◆ TASK PROMPT
Only the lines below from the one containing "Density: 1 g/cm^3" to the one containing "point (0, 15) L2" should be repeated, both included and unchanged.

◆ SUPPLIED DATA
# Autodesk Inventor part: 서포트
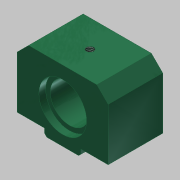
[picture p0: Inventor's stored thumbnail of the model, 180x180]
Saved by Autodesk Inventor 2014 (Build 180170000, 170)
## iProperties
Created: 2019-04
Part Number: 서포트
Material: 알루미늄 6061
Document SubType Name: Modeling
Designer: mduedu
Density: 1 g/cm^3
Appearance: Smooth - Dark Sea Green
Author: mduedu
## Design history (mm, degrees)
sketch "스케치1"
  geometry: L1 (3, 20)-(31, 20); L2 (31, 20)-(31, -20); L3 (31, -20)-(3, -20); L4 (0, -8)-(0, 8); L5 (0, 8)-(3, 8); L6 (3, 8)-(3, 20); L7 (0, 0)-(31, 0); L8 (0, -8)-(3, -8); L9 (3, -8)-(3, -20); 1 further point
  constraints: 18 end point, 3 symmetric about line, 2 horizontal, 2 midpoint, 2 parallel, 2 perpendicular, 1 coincident
  dimensions: "d3" = 31 distance between parallel lines of L4 L2; "d5" = 16 distance of L4.start L4.end; "d6" = 40 distance between parallel lines of L3 L1; "d7" = 3 distance between parallel lines of L4 L9
extrude "돌출1" new body sketch "스케치1" distance "d8" = 24; taper "d9" = 0 deg
chamfer "모따기1" distance "d10" = 5; stored, may be unused: second distance "d11" = 2, angle "d12" = 45 deg
chamfer "모따기2" distance "d13" = 1; stored, may be unused: second distance "d14" = 2, angle "d15" = 45 deg
sketch "스케치2"
  geometry: L1 (7, 0)-(-7, 0) reference; L2 (20, 3)-(8, 3) reference; 3 further points
  constraints: 1 midpoint, 1 vertical alignment
  dimensions: "d24" = 12 distance from line of point (0, 15) L2
hole "구멍1" sketch "스케치2" at (0, 15) diameter "d17" = 17; stored, may be unused: countersink angle "d21" = 90 deg, drill point angle "d23" = 118 deg; dims "d18" = 6, "d19" = 21, "d20" = 3, "d22" = 8
sketch "스케치3"
  geometry: L1 (0, 30)-(0, 0) reference; 3 further points
  constraints: 1 horizontal alignment, 1 midpoint
  dimensions: "d25" = 12 distance from line of point (12, 15) L1
hole "구멍2" sketch "스케치3" at (12, 15) diameter "d26" = 3.242; stored, may be unused: countersink angle "d30" = 90 deg, drill point angle "d32" = 118 deg; dims "d27" = 6, "d28" = 21, "d29" = 3, "d31" = 8
sketch "스케치4"
  geometry: L1 (0, -8)-(24, -8); L2 (24, 0.5)-(24, -16.5) reference; L3 (0, -28)-(0, -23) reference; 4 further points
  constraints: 2 end point, 2 symmetric about line, 1 horizontal, 1 horizontal alignment, 1 midpoint
  dimensions: "d33" = 6 distance from line of point (6, -22) L3; "d34" = 12 distance of point (18, -22) point (6, -22); "d35" = 28 distance of point (6, 6) point (6, -22); "d36" = 14 distance from line of point (6, -22) L1 (derived)
hole "구멍3" sketch "스케치4" at (6, -22), (18, -22), (18, 6), (6, 6) diameter "d37" = 3.242; stored, may be unused: countersink angle "d41" = 90 deg, drill point angle "d43" = 118 deg; dims "d38" = 9, "d39" = 21, "d40" = 3, "d42" = 11
node "솔리드1"

◆ WRITTEN ANSWER
Density: 1 g/cm^3
Appearance: Smooth - Dark Sea Green
Author: mduedu
## Design history (mm, degrees)
sketch "스케치1"
  geometry: L1 (3, 20)-(31, 20); L2 (31, 20)-(31, -20); L3 (31, -20)-(3, -20); L4 (0, -8)-(0, 8); L5 (0, 8)-(3, 8); L6 (3, 8)-(3, 20); L7 (0, 0)-(31, 0); L8 (0, -8)-(3, -8); L9 (3, -8)-(3, -20); 1 further point
  constraints: 18 end point, 3 symmetric about line, 2 horizontal, 2 midpoint, 2 parallel, 2 perpendicular, 1 coincident
  dimensions: "d3" = 31 distance between parallel lines of L4 L2; "d5" = 16 distance of L4.start L4.end; "d6" = 40 distance between parallel lines of L3 L1; "d7" = 3 distance between parallel lines of L4 L9
extrude "돌출1" new body sketch "스케치1" distance "d8" = 24; taper "d9" = 0 deg
chamfer "모따기1" distance "d10" = 5; stored, may be unused: second distance "d11" = 2, angle "d12" = 45 deg
chamfer "모따기2" distance "d13" = 1; stored, may be unused: second distance "d14" = 2, angle "d15" = 45 deg
sketch "스케치2"
  geometry: L1 (7, 0)-(-7, 0) reference; L2 (20, 3)-(8, 3) reference; 3 further points
  constraints: 1 midpoint, 1 vertical alignment
  dimensions: "d24" = 12 distance from line of point (0, 15) L2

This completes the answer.